◆ **Task to carry out**: Print every record exactly, but leave out the pictures.

◆ **Recorded information**:
────────────────
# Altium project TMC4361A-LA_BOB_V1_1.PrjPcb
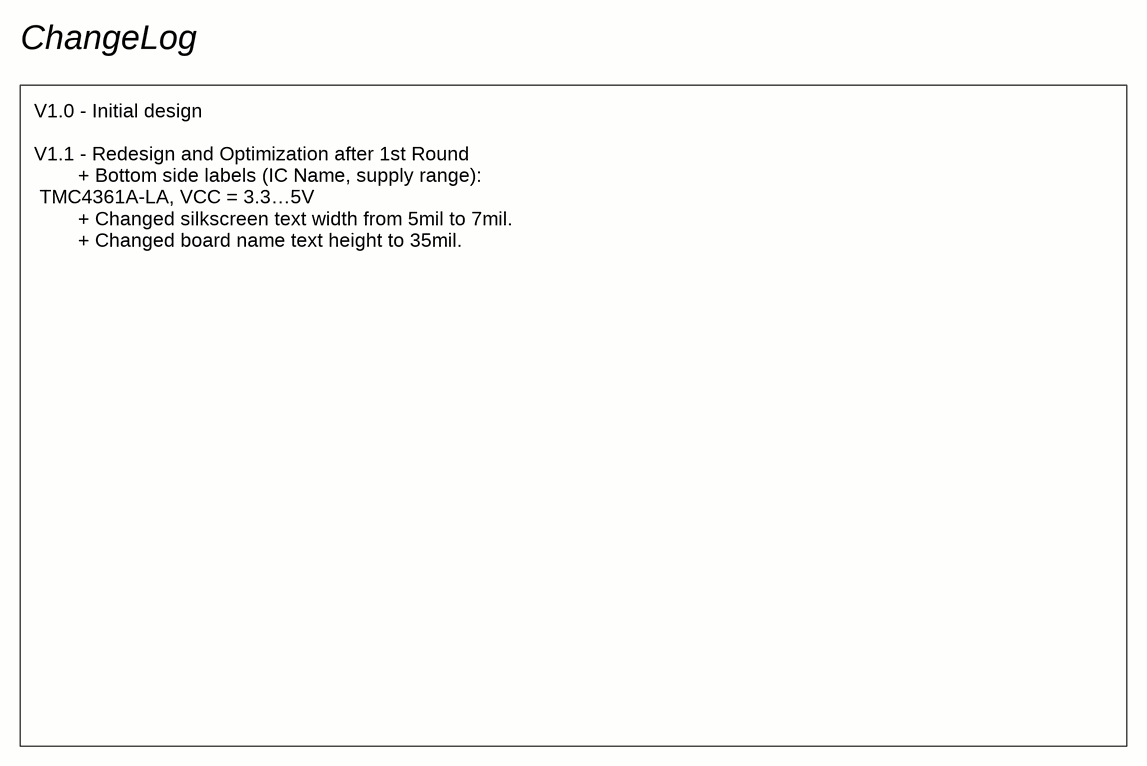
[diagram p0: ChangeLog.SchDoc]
BoardName: TMC4361A-LA; BoardVersion: 1.1; Chip: TMC4361A-LA; VCC: 3.3...5V
2 sheets, 21 parts. Net scope: global (net labels, ports and power ports of the same name join across sheets).
Board file: TMC4361A-LA_BOB_V1_1.PcbDoc
Sheets:
  ChangeLog.SchDoc
  TMC4361A-LA_BOB_V1_1.SchDoc

## Sheet ChangeLog.SchDoc
size A4

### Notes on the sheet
- ChangeLog
- V1.0 - Initial design
  V1.1 - Redesign and Optimization after 1st Round
  + Bottom side labels (IC Name, supply range):
  TMC4361A-LA, VCC = 3.3…5V
  + Changed silkscreen text width from 5mil to 7mil.
  + Changed board name text height to 35mil.

## Sheet TMC4361A-LA_BOB_V1_1.SchDoc
size A4
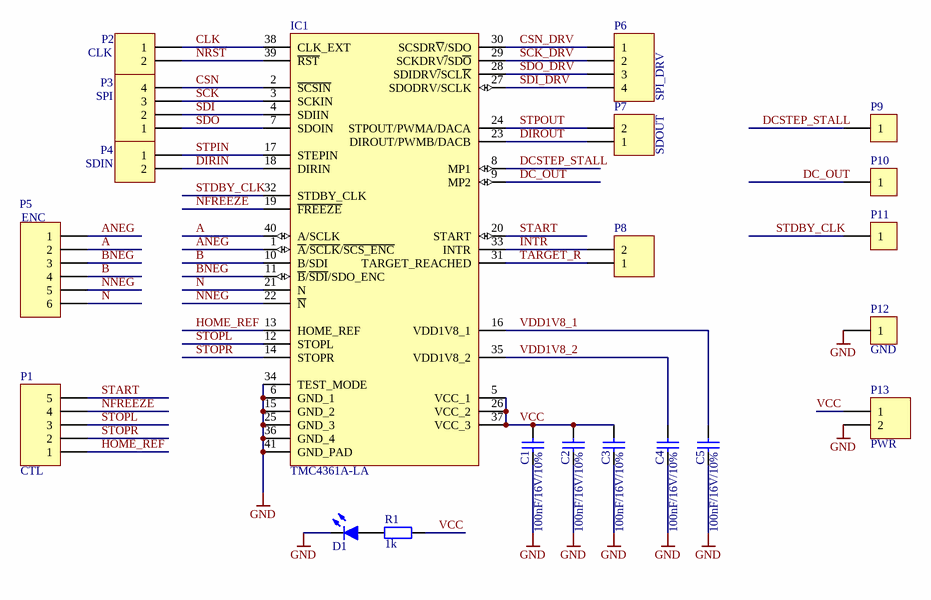
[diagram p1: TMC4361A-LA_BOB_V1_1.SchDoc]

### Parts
C1  100nF/16V/10%  [C0603]
C2  100nF/16V/10%  [C0603]
C3  100nF/16V/10%  [C0603]
C4  100nF/16V/10%  [C0603]
C5  100nF/16V/10%  [C0603]
D1  LED, Blue, SMD, 20mA, 2.8V, 465 nm  [LED_0603]  (value not drawn)
IC1  TMC4361A-LA  [TMC4361A-LA_QFN40_0.5_6.0X6.0]
P1  CTL  [5_PIN_THT]
P2  CLK  [2_PIN_THT]
P3  SPI  [4_PIN_THT]
P4  SDIN  [2_PIN_THT]
P5  ENC  [6_PIN_THT]
P6  SPI_DRV  [4_PIN_THT]
P7  SDOUT  [2_PIN_THT]
P8  (no value)  [2_PIN_THT]
P9  DCSTEP_STALL  [TH_PIN]  (value not drawn)
P10  DC_OUT  [TH_PIN]  (value not drawn)
P11  STDBY_CLK  [TH_PIN]  (value not drawn)
P12  GND  [TH_PIN]
P13  PWR  [2_PIN_THT]
R1  1k  [R0603]

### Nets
GND: C1.2 C2.2 C3.2 C4.2 C5.2 D1.2(K) IC1.6(GND_1) IC1.15(GND_2) IC1.25(GND_3) IC1.34(TEST_MODE) IC1.36(GND_4) IC1.41(GND_PAD) P12.1 P13.2
A: IC1.40(A/SCLK) P5.2
ANEG: IC1.1(~{A}/~{SCLK}/~{SCS_ENC}) P5.1
B: IC1.10(B/SDI) P5.4
BNEG: IC1.11(~{B}/~{SDI}/SDO_ENC) P5.3
CLK: IC1.38(CLK_EXT) P2.1
CSN: IC1.2(~{SCSIN}) P3.4
CSN_DRV: IC1.30(SCSDR~{V}/SDO) P6.1
DC_OUT: IC1.9(MP2) P10.1
DCSTEP_STALL: IC1.8(MP1) P9.1
DIRIN: IC1.18(DIRIN) P4.2
DIROUT: IC1.23(DIROUT/PWMB/DACB) P7.1
HOME_REF: IC1.13(HOME_REF) P1.1
INTR: IC1.33(INTR) P8.2
N: IC1.21(N) P5.6
NFREEZE: IC1.19(~{FREEZE}) P1.4
NNEG: IC1.22(~{N}) P5.5
NRST: IC1.39(~{RST}) P2.2
SCK: IC1.3(SCKIN) P3.3
SCK_DRV: IC1.29(SCKDRV~{/}SD~{O}) P6.2
SDI: IC1.4(SDIIN) P3.2
SDI_DRV: IC1.27(SDODRV/SCLK) P6.4
SDO: IC1.7(SDOIN) P3.1
SDO_DRV: IC1.28(SDIDRV~{/}SCL~{K}) P6.3
START: IC1.20(START) P1.5
STDBY_CLK: IC1.32(STDBY_CLK) P11.1
STOPL: IC1.12(STOPL) P1.3
STOPR: IC1.14(STOPR) P1.2
STPIN: IC1.17(STEPIN) P4.1
STPOUT: IC1.24(STPOUT/PWMA/DACA) P7.2
TARGET_R: IC1.31(TARGET_REACHED) P8.1
VCC: C1.1 C2.1 C3.1 IC1.5(VCC_1) IC1.26(VCC_2) IC1.37(VCC_3) P13.1 R1.2
VDD1V8_1: C5.1 IC1.16(VDD1V8_1)
VDD1V8_2: C4.1 IC1.35(VDD1V8_2)
NetD1_1: D1.1(A) R1.1

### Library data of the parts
C1-C5 = Capacitor: Ceramic capacitor; MPN: MC0603B104K160CT; Type: MLCC; VoltageRating: 16V; ComponentLinknDescription: Datasheet; MF: Multicomp; Capacitance: 100nF; Precision: 10%
D1 = LED, Blue, SMD, 20mA, 2.8V, 465 nm: MPN: LTST-C191TBKT-5A; MF: Lite-On
IC1 = TMC4361A-LA: S-ramp motion controller for stepper motors with high velocities. With SPI and Step/Dir; QFN40(5x5); Geometry.Height: 0.9mm; MF: TRINAMIC
P1 = Header 5: Header, 5-Pin; Fitted: Not fitted
P2 P4 P7 P8 P13 = Header 2: Header, 2-Pin; Fitted: Not fitted
P3 P6 = Header 4: Header, 4-Pin; Fitted: Not fitted
P5 = Header 6: Header, 6-Pin; Fitted: Not fitted
P9-P12 = PIN: Note: n.b; Fitted: Not fitted
R1 = 1 kohm, 50 V, 0603 [1608 Metric], 63 mW, ± 1%, MC Series: MPN: MC0063W060311K; VoltageRating: 50V; Temp coefficient: *ppm; PowerRating: 63mW; MF: MULTICOMP
────────────────
◆ **Answer to this task**:
# Altium project TMC4361A-LA_BOB_V1_1.PrjPcb
[diagram p0: ChangeLog.SchDoc]
BoardName: TMC4361A-LA; BoardVersion: 1.1; Chip: TMC4361A-LA; VCC: 3.3...5V
2 sheets, 21 parts. Net scope: global (net labels, ports and power ports of the same name join across sheets).
Board file: TMC4361A-LA_BOB_V1_1.PcbDoc
Sheets:
  ChangeLog.SchDoc
  TMC4361A-LA_BOB_V1_1.SchDoc

## Sheet ChangeLog.SchDoc
size A4

### Notes on the sheet
- ChangeLog
- V1.0 - Initial design
  V1.1 - Redesign and Optimization after 1st Round
  + Bottom side labels (IC Name, supply range):
  TMC4361A-LA, VCC = 3.3…5V
  + Changed silkscreen text width from 5mil to 7mil.
  + Changed board name text height to 35mil.

## Sheet TMC4361A-LA_BOB_V1_1.SchDoc
size A4
[diagram p1: TMC4361A-LA_BOB_V1_1.SchDoc]

### Parts
C1  100nF/16V/10%  [C0603]
C2  100nF/16V/10%  [C0603]
C3  100nF/16V/10%  [C0603]
C4  100nF/16V/10%  [C0603]
C5  100nF/16V/10%  [C0603]
D1  LED, Blue, SMD, 20mA, 2.8V, 465 nm  [LED_0603]  (value not drawn)
IC1  TMC4361A-LA  [TMC4361A-LA_QFN40_0.5_6.0X6.0]
P1  CTL  [5_PIN_THT]
P2  CLK  [2_PIN_THT]
P3  SPI  [4_PIN_THT]
P4  SDIN  [2_PIN_THT]
P5  ENC  [6_PIN_THT]
P6  SPI_DRV  [4_PIN_THT]
P7  SDOUT  [2_PIN_THT]
P8  (no value)  [2_PIN_THT]
P9  DCSTEP_STALL  [TH_PIN]  (value not drawn)
P10  DC_OUT  [TH_PIN]  (value not drawn)
P11  STDBY_CLK  [TH_PIN]  (value not drawn)
P12  GND  [TH_PIN]
P13  PWR  [2_PIN_THT]
R1  1k  [R0603]

### Nets
GND: C1.2 C2.2 C3.2 C4.2 C5.2 D1.2(K) IC1.6(GND_1) IC1.15(GND_2) IC1.25(GND_3) IC1.34(TEST_MODE) IC1.36(GND_4) IC1.41(GND_PAD) P12.1 P13.2
A: IC1.40(A/SCLK) P5.2
ANEG: IC1.1(~{A}/~{SCLK}/~{SCS_ENC}) P5.1
B: IC1.10(B/SDI) P5.4
BNEG: IC1.11(~{B}/~{SDI}/SDO_ENC) P5.3
CLK: IC1.38(CLK_EXT) P2.1
CSN: IC1.2(~{SCSIN}) P3.4
CSN_DRV: IC1.30(SCSDR~{V}/SDO) P6.1
DC_OUT: IC1.9(MP2) P10.1
DCSTEP_STALL: IC1.8(MP1) P9.1
DIRIN: IC1.18(DIRIN) P4.2
DIROUT: IC1.23(DIROUT/PWMB/DACB) P7.1
HOME_REF: IC1.13(HOME_REF) P1.1
INTR: IC1.33(INTR) P8.2
N: IC1.21(N) P5.6
NFREEZE: IC1.19(~{FREEZE}) P1.4
NNEG: IC1.22(~{N}) P5.5
NRST: IC1.39(~{RST}) P2.2
SCK: IC1.3(SCKIN) P3.3
SCK_DRV: IC1.29(SCKDRV~{/}SD~{O}) P6.2
SDI: IC1.4(SDIIN) P3.2
SDI_DRV: IC1.27(SDODRV/SCLK) P6.4
SDO: IC1.7(SDOIN) P3.1
SDO_DRV: IC1.28(SDIDRV~{/}SCL~{K}) P6.3
START: IC1.20(START) P1.5
STDBY_CLK: IC1.32(STDBY_CLK) P11.1
STOPL: IC1.12(STOPL) P1.3
STOPR: IC1.14(STOPR) P1.2
STPIN: IC1.17(STEPIN) P4.1
STPOUT: IC1.24(STPOUT/PWMA/DACA) P7.2
TARGET_R: IC1.31(TARGET_REACHED) P8.1
VCC: C1.1 C2.1 C3.1 IC1.5(VCC_1) IC1.26(VCC_2) IC1.37(VCC_3) P13.1 R1.2
VDD1V8_1: C5.1 IC1.16(VDD1V8_1)
VDD1V8_2: C4.1 IC1.35(VDD1V8_2)
NetD1_1: D1.1(A) R1.1

### Library data of the parts
C1-C5 = Capacitor: Ceramic capacitor; MPN: MC0603B104K160CT; Type: MLCC; VoltageRating: 16V; ComponentLinknDescription: Datasheet; MF: Multicomp; Capacitance: 100nF; Precision: 10%
D1 = LED, Blue, SMD, 20mA, 2.8V, 465 nm: MPN: LTST-C191TBKT-5A; MF: Lite-On
IC1 = TMC4361A-LA: S-ramp motion controller for stepper motors with high velocities. With SPI and Step/Dir; QFN40(5x5); Geometry.Height: 0.9mm; MF: TRINAMIC
P1 = Header 5: Header, 5-Pin; Fitted: Not fitted
P2 P4 P7 P8 P13 = Header 2: Header, 2-Pin; Fitted: Not fitted
P3 P6 = Header 4: Header, 4-Pin; Fitted: Not fitted
P5 = Header 6: Header, 6-Pin; Fitted: Not fitted
P9-P12 = PIN: Note: n.b; Fitted: Not fitted
R1 = 1 kohm, 50 V, 0603 [1608 Metric], 63 mW, ± 1%, MC Series: MPN: MC0063W060311K; VoltageRating: 50V; Temp coefficient: *ppm; PowerRating: 63mW; MF: MULTICOMP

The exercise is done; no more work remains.